America's manufacturing industry suffered the sharpest slowdown last month since the depths of the global financial crisis, prompting calls for emergency rate cuts to avert a spiral into recession.
IHS Markit's momentum gauge fell to the lowest since September 2009 as America's fortress economy succumbed to fading fiscal stimulus and mounting damage from trade wars with China, Europe, and Mexico.
Chris Williamson, the group's chief economist, said US profit margins are being squeezed. Manufacturers are cutting output and laying off staff. "Surging order book growth just a few months ago has now turned into contraction - the first such decline seen in the series' 10-year history," he said.
"There is still time for the US Federal Reserve to right the ship, but time is running out," said Michael Darda from MKM Partners.
He said the yield curve for US Treasuries is inverting across every relevant maturity, flashing a red warning sign. "Long-cycle" indicators such as housing and car sales are already slipping into a deepening downturn.
"It's time for the Fed to take out an insurance policy with a 75-100 basis point rate cut. If the Fed sits on its hands and a full-blown recession gets underway, taking rates all the way back to zero may not be enough to revive growth. An ounce of prevention beats a pound of cure," Mr Darda said.
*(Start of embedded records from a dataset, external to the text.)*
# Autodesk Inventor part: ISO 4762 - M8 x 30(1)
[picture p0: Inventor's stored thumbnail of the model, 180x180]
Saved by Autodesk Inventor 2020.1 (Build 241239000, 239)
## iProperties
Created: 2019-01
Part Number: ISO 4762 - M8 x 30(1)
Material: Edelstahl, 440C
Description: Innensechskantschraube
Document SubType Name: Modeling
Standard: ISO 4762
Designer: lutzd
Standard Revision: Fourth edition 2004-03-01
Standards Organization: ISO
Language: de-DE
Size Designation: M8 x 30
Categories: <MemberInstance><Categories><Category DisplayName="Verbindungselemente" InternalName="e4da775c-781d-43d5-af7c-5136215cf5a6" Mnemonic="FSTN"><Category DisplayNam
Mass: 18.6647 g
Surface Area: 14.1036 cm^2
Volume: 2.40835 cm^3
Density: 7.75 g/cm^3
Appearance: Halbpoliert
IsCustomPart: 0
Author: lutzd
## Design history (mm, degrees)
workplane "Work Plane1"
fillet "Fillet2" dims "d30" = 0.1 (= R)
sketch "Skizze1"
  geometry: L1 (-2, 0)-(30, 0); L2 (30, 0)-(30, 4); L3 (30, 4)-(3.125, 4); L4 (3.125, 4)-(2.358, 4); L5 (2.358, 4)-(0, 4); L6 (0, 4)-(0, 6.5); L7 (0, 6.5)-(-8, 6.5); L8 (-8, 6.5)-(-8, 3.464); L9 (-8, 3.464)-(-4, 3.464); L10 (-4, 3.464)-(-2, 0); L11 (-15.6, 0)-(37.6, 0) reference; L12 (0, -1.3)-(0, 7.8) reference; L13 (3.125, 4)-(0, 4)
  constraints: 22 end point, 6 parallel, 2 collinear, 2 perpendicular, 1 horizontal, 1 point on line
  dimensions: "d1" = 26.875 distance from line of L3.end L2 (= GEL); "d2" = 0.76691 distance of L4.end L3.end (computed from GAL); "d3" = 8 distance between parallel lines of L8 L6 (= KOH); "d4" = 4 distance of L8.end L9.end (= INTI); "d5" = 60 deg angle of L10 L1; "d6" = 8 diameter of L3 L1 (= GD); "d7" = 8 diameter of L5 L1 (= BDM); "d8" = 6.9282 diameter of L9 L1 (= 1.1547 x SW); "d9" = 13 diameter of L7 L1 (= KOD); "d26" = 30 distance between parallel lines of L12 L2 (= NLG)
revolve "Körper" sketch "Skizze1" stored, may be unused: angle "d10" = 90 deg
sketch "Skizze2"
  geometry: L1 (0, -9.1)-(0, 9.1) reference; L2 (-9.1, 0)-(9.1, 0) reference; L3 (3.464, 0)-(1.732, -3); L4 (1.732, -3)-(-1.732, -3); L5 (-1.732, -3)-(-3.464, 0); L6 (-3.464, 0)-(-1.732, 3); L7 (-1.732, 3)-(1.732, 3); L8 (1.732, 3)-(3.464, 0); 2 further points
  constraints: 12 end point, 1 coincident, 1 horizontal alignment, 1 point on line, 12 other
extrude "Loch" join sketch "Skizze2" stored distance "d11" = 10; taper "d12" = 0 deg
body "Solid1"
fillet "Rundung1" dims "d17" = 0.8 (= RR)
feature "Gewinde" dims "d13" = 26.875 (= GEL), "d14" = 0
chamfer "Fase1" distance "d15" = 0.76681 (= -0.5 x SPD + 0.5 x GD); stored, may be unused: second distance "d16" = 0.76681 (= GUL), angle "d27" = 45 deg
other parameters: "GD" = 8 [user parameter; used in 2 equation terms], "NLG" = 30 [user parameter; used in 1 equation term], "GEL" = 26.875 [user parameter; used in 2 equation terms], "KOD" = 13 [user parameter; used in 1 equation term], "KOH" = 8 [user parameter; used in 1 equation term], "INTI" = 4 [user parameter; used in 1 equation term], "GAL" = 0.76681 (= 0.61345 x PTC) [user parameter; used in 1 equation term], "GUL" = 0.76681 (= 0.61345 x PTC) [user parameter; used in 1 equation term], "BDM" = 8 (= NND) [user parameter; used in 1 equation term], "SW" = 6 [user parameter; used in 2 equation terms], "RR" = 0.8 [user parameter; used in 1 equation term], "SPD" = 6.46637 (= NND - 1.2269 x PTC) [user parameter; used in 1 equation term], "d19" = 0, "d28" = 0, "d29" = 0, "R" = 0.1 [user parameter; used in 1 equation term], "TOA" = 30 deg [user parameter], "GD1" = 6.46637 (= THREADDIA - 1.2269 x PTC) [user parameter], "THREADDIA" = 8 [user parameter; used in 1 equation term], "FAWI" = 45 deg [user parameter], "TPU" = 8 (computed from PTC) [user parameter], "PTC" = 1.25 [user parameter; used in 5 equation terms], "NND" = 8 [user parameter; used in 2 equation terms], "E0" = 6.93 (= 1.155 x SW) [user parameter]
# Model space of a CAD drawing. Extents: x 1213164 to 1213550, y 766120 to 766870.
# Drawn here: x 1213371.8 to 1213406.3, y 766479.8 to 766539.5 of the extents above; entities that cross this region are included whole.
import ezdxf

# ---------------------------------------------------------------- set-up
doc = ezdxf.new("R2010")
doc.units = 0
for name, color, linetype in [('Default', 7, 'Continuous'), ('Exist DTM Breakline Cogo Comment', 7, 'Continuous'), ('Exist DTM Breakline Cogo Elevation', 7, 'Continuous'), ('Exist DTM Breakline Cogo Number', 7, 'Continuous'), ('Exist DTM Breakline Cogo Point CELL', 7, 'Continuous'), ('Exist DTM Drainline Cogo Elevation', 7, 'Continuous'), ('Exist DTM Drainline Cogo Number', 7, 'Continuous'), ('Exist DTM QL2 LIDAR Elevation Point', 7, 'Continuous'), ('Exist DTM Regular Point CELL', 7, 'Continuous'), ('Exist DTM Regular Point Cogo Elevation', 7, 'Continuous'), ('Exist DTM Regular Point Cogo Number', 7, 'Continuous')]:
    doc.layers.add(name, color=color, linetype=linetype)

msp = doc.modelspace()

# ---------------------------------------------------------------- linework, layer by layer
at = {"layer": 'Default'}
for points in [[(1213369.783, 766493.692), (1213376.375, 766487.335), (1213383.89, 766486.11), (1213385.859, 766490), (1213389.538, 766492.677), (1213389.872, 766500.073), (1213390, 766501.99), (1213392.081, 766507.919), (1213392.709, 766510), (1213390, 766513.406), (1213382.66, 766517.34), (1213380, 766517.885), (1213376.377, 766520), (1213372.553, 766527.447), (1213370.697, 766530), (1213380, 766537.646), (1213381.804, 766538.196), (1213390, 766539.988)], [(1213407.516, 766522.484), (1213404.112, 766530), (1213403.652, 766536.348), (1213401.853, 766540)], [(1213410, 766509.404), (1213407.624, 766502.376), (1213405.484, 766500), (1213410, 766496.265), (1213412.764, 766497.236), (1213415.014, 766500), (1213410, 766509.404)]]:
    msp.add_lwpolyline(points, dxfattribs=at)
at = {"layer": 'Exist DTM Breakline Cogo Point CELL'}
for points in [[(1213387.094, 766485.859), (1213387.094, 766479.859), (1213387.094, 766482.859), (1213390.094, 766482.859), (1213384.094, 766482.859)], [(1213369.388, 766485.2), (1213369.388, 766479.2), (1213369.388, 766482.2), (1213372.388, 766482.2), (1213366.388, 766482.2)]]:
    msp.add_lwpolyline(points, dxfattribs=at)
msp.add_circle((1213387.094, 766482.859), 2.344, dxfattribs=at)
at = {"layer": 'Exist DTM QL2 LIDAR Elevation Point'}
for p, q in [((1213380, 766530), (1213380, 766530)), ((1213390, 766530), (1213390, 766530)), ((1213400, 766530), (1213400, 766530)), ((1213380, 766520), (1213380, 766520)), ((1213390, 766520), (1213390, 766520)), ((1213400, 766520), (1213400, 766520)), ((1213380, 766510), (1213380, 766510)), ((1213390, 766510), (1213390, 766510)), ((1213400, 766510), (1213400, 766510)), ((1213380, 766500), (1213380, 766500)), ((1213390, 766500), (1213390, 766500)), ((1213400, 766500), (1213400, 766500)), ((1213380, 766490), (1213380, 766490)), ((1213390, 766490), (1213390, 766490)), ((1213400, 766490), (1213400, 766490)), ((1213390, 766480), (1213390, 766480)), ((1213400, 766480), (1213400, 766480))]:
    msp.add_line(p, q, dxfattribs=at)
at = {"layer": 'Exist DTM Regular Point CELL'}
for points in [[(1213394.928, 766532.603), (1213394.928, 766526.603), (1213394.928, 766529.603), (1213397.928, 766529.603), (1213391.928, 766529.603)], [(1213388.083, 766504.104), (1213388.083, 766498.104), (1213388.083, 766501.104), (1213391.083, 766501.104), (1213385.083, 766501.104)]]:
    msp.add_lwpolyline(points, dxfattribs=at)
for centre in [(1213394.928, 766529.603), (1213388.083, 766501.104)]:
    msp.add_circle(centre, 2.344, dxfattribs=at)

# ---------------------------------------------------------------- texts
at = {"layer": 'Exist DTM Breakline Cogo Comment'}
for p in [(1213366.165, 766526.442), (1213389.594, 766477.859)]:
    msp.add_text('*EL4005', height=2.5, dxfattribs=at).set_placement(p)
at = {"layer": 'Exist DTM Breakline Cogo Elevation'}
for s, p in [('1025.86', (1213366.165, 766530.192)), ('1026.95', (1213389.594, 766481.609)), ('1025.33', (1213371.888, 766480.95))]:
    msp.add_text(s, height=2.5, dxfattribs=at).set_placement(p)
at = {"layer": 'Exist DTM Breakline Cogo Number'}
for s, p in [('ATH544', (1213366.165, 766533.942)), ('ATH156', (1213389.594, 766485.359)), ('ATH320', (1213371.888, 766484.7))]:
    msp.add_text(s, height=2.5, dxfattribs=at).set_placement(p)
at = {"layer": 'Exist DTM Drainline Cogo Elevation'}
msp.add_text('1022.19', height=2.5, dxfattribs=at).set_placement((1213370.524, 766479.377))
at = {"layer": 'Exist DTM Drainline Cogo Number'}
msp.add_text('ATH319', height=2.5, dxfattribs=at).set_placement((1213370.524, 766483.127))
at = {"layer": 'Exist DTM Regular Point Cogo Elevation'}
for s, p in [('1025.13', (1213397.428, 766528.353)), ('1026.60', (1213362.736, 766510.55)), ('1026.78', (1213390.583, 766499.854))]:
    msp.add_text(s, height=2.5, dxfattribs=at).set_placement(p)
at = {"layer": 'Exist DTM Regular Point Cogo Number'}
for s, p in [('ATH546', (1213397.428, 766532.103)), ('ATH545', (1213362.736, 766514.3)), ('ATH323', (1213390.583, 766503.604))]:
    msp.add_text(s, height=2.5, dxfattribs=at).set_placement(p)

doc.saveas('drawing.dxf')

The M1 money supply has stalled over the last eight months yet the Fed is still engaged in quantitative tightening, or the reverse of quantitative easing. This is draining dollar liquidity at home and across the world.
"The US is now on recession watch," said Edward Harrison from Credit Writedowns. "I don't think the Fed will pivot aggressively. It will end up over-tightening and creating a credit event. Trump's policy moves are potentially the thing that tips this into recession."
The central bank gave no indication in its minutes in late May that it would soon come to the rescue. The hawkish text suggested that the US economy is rude good health despite "transient factors" and that some voting members are even itching to raise rates.
This was a nasty surprise for markets counting on a monetary comfort blanket. Investors had already priced in two cuts in the federal funds rate over the rest of this year.
They are now trying to bounce the Fed into a fresh policy capitulation. Torsten Slok from Deutsche Bank said futures contracts are betting on an 85pc chance of a rate cut by September. There could be a brutal reckoning on Wall Street if the Fed refuses to comply.
"The US stock market is an accident waiting to happen," said John Higgins from Capital Economics. "We think the bond market is simply running ahead of the stock market. Equities will 'catch up' in due course. We expect the S&P 500 to decline by another 17pc before the year is over."
Hans Redeker of Morgan Stanley said the Fed was asleep at the wheel as rate expectations collapse, oblivious to the "new reality" of global trouble ricocheting back into the US economy and hitting businesses.
Traders were shocked by comments this week by Mary Daly, the San Francisco Fed president, stating that the US economy is in a "really good place," and that the inversion of the yield curve is largely meaningless.
Such assurances have echoes of the Fed's nonchalant attitude as the subprime crunch turned serious in 2007, when monetary policy was kept too tight for too long.
Robert Hetzel from the Richmond Fed said it was the Ben Bernanke-run Fed itself that caused the Lehman crisis by letting the money supply slow drastically.
The big global banks have cut their forecasts sharply over recent days. JP Morgan expects the darkening picture to trigger two rate cuts over the next six months regardless of what the Fed says this week, with yields on 10-year US Treasuries dropping to 1.65pc by early next year.
Christian Keller from Barclays said the outlook is bad enough to warrant 75 basis points in cuts over the second half.
The historical pattern is that once the slow-footed Fed starts to cut in earnest it is already too late. Recession typically follows within four months.
The risk of the policy error has never been so great. Central banks across the developed world have little policy ammunition left to confront a serious crisis. It typically takes 500 basis points of cuts to lift the US economy out of recession: the Fed has barely more than 200 play with. Rates in the eurozone are stuck at minus 0.4pc and cannot go any lower. Europe is trapped.
President Trump has already played his fiscal card. The sugar rush from his tax cuts is fading fast. The stimulus came too late in the economic cycle to have a "multiplier" effect. It failed to achieve a self-sustaining lift in investment by US corporations.
The US is now saddled with a $1 trillion budget deficit in a slowing economy. The Peterson Institute says the "fiscal cliff" this year is the steepest in four decades and will deliver a violent jolt unless Congress passes a fresh stimulus package.
The Democrats control the House and are in no mood to do Mr Trump any favours. If the US economy falters, nobody else in the world can pick up the baton - as China did in 2009. This time China's downturn is deepening, while Europe and Japan are still in manufacturing recession.
It could be a turbulent autumn for world markets.